Subrogation and How It Affects Policyholders

Subrogation is an idea that's understood in insurance and legal circles but often not by the people who employ them. Rather than leave it to the professionals, it would be in your benefit to know an overview of the process. The more knowledgeable you are, the better decisions you can make with regard to your insurance company.

Any insurance policy you own is a promise that, if something bad happens to you, the firm that insures the policy will make restitutions in one way or another without unreasonable delay. If your vehicle is rear-ended, insurance adjusters (and the courts, when necessary) decide who was at fault and that party's insurance covers the damages.
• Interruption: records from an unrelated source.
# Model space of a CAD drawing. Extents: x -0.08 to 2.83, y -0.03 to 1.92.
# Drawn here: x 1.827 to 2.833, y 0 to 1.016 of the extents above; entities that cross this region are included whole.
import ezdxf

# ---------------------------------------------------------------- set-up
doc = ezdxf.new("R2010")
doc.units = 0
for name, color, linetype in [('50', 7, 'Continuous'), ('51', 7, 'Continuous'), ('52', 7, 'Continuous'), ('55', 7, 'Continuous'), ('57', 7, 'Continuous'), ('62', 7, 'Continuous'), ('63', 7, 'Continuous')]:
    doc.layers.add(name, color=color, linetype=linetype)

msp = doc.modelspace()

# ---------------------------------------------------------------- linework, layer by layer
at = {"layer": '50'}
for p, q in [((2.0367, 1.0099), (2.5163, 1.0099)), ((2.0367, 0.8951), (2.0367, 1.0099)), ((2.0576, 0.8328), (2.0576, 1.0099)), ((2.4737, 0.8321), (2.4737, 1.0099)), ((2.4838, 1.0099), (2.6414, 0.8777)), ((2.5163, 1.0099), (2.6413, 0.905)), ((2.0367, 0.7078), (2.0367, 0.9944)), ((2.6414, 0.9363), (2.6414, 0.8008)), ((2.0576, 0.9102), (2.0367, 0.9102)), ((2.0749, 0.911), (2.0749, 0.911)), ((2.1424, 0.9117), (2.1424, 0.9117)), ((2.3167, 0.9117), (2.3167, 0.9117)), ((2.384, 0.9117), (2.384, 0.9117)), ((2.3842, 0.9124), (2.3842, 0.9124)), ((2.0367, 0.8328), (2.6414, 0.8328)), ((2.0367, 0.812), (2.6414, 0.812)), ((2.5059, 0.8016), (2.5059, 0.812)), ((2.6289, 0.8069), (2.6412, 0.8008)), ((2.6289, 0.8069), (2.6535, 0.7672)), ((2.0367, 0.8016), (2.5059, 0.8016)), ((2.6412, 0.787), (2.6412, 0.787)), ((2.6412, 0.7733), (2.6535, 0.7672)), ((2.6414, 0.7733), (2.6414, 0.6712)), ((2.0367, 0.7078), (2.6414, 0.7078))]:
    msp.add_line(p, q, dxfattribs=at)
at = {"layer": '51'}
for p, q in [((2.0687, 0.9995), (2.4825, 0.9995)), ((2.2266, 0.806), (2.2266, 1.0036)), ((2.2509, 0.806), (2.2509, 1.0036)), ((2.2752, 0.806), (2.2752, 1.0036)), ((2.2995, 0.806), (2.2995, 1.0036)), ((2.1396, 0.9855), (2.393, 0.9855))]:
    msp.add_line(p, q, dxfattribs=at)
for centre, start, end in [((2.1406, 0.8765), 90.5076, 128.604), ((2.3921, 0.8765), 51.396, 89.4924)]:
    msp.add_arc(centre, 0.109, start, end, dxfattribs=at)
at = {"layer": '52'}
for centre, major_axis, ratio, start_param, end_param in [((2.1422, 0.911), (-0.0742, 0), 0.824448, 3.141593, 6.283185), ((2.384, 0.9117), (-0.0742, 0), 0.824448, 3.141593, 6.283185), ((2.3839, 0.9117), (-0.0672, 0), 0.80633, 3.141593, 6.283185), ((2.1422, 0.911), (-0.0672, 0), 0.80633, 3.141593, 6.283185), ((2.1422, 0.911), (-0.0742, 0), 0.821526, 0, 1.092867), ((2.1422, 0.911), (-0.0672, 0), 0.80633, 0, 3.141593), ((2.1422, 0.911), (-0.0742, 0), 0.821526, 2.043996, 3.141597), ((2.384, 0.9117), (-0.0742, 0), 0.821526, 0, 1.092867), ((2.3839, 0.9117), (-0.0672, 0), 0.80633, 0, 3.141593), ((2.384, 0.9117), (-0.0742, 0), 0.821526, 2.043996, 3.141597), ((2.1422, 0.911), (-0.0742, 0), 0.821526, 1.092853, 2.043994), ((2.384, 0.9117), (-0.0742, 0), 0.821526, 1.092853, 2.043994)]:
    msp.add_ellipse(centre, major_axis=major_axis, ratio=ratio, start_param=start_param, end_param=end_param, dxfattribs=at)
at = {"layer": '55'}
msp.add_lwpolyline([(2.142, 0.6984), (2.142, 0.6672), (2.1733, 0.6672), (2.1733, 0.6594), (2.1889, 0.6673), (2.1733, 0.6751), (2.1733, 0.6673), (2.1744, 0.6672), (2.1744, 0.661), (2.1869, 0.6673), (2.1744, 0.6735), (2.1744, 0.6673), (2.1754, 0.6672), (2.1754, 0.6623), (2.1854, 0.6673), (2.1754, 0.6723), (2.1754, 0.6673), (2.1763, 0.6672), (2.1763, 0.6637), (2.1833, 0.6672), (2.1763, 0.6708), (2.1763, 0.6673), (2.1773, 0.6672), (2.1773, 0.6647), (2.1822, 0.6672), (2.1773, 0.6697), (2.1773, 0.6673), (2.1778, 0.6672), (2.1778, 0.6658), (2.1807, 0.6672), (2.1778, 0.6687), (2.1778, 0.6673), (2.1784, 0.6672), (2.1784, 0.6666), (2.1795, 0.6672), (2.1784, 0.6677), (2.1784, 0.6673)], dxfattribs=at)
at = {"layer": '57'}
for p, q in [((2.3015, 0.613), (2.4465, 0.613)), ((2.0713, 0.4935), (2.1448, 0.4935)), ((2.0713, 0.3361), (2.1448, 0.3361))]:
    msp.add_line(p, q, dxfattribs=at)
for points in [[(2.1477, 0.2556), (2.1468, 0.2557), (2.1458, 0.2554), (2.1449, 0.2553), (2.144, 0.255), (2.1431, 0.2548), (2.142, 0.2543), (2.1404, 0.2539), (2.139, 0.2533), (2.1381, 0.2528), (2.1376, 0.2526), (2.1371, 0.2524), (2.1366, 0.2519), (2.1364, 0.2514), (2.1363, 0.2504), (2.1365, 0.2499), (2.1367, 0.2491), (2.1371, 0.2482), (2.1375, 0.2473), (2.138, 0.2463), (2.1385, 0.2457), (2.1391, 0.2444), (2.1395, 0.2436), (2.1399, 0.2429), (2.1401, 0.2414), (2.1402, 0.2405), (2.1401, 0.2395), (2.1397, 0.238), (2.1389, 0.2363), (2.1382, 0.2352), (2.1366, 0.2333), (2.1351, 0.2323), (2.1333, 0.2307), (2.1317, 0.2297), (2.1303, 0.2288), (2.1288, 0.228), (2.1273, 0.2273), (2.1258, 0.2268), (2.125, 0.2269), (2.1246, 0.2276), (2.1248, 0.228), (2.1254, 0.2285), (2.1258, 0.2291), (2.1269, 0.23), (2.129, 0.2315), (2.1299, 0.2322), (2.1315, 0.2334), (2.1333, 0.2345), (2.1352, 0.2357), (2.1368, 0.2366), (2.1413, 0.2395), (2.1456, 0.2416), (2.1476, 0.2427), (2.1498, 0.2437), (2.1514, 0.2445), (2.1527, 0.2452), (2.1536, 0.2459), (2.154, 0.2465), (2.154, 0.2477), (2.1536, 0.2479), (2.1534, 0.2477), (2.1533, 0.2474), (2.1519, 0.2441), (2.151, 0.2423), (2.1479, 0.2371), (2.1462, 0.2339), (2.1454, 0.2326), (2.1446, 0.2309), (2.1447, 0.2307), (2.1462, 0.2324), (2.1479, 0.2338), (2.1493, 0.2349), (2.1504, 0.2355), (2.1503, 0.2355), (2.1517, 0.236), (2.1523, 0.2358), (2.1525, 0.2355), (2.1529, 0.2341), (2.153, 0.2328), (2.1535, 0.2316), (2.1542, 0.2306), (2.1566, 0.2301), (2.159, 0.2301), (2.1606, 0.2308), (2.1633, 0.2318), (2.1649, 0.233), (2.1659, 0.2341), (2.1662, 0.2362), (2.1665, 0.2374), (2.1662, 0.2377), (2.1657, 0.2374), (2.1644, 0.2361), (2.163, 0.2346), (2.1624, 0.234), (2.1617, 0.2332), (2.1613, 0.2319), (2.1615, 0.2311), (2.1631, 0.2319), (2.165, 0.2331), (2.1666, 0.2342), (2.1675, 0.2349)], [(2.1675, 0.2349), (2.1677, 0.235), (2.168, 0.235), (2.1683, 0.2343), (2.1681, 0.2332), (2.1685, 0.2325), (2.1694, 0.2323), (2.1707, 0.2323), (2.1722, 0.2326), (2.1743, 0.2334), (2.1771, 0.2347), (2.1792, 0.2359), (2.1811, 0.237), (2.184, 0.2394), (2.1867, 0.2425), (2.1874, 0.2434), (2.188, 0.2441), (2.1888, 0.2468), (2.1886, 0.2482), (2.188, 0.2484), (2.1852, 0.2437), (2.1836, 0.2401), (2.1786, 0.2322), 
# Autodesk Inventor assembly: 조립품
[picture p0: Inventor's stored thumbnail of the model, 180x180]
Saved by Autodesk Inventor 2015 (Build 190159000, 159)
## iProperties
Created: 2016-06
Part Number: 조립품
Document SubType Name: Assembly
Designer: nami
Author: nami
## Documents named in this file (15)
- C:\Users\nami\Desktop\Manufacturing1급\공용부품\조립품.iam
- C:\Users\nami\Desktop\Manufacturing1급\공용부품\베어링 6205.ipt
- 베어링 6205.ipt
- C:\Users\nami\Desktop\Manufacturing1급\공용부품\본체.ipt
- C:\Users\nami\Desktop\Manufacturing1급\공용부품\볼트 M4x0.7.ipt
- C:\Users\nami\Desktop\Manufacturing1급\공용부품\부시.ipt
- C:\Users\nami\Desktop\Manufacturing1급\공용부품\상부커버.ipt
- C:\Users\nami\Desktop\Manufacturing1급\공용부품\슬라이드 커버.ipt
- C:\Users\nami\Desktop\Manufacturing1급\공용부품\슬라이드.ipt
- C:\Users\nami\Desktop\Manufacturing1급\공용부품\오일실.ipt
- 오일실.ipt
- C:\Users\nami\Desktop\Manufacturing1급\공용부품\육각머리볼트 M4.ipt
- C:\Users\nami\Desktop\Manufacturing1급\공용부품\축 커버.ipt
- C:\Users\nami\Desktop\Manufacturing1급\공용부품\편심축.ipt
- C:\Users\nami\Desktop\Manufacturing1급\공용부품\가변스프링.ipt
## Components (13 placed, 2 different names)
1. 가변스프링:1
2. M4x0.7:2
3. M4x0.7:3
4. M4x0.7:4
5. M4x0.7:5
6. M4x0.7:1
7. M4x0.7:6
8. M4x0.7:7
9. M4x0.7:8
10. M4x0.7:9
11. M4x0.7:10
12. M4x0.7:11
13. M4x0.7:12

But since ascertaining who is financially responsible for services or repairs is often a confusing affair – and time spent waiting in some cases increases the damage to the victim – insurance firms usually opt to pay up front and figure out the blame later. They then need a means to recoup the costs if, in the end, they weren't responsible for the payout.

Can You Give an Example?

You are in a traffic-light accident. Another car ran into yours. The police show up to assess the situation, you exchange insurance information, and you go on your way. You have comprehensive insurance and file a repair claim. Later police tell the insurance companies that the other driver was entirely at fault and her insurance should have paid for the repair of your auto. How does your company get its funds back?

How Does Subrogation Work?

This is where subrogation comes in. It is the process that an insurance company uses to claim reimbursement when it pays out a claim that turned out not to be its responsibility. Some insurance firms have in-house property damage lawyers and personal injury attorneys, or a department dedicated to subrogation; others contract with a law firm. Normally, only you can sue for damages to your person or property. But under subrogation law, your insurance company is considered to have some of your rights in exchange for having taken care of the damages. It can go after the money originally due to you, because it has covered the amount already.

Why Should I Care?

For a start, if you have a deductible, it wasn't just your insurance company that had to pay. In a $10,000 accident with a $1,000 deductible, you have a stake in the outcome as well – to be precise, $1,000. If your insurance company is timid on any subrogation case it might not win, it might opt to get back its losses by ballooning your premiums and call it a day. On the other hand, if it knows which cases it is owed and pursues them efficiently, it is doing you a favor as well as itself. If all $10,000 is recovered, you will get your full $1,000 deductible back. If it recovers half (for instance, in a case where you are found 50 percent at fault), you'll typically get $500 back, depending on the laws in your state.

Furthermore, if the total price of an accident is more than your maximum coverage amount, you could be in for a stiff bill. If your insurance company or its property damage lawyers, such as family law firm Vancouver WA, successfully press a subrogation case, it will recover your expenses as well as its own.

All insurers are not the same. When shopping around, it's worth weighing the records of competing firms to determine if they pursue legitimate subrogation claims; if they resolve those claims without dragging their feet; if they keep their clients advised as the case proceeds; and if they then process successfully won reimbursements immediately so that you can get your deductible back and move on with your life. If, on the other hand, an insurance company has a reputation of paying out claims that aren't its responsibility and then covering its bottom line by raising your premiums, you'll feel the sting later.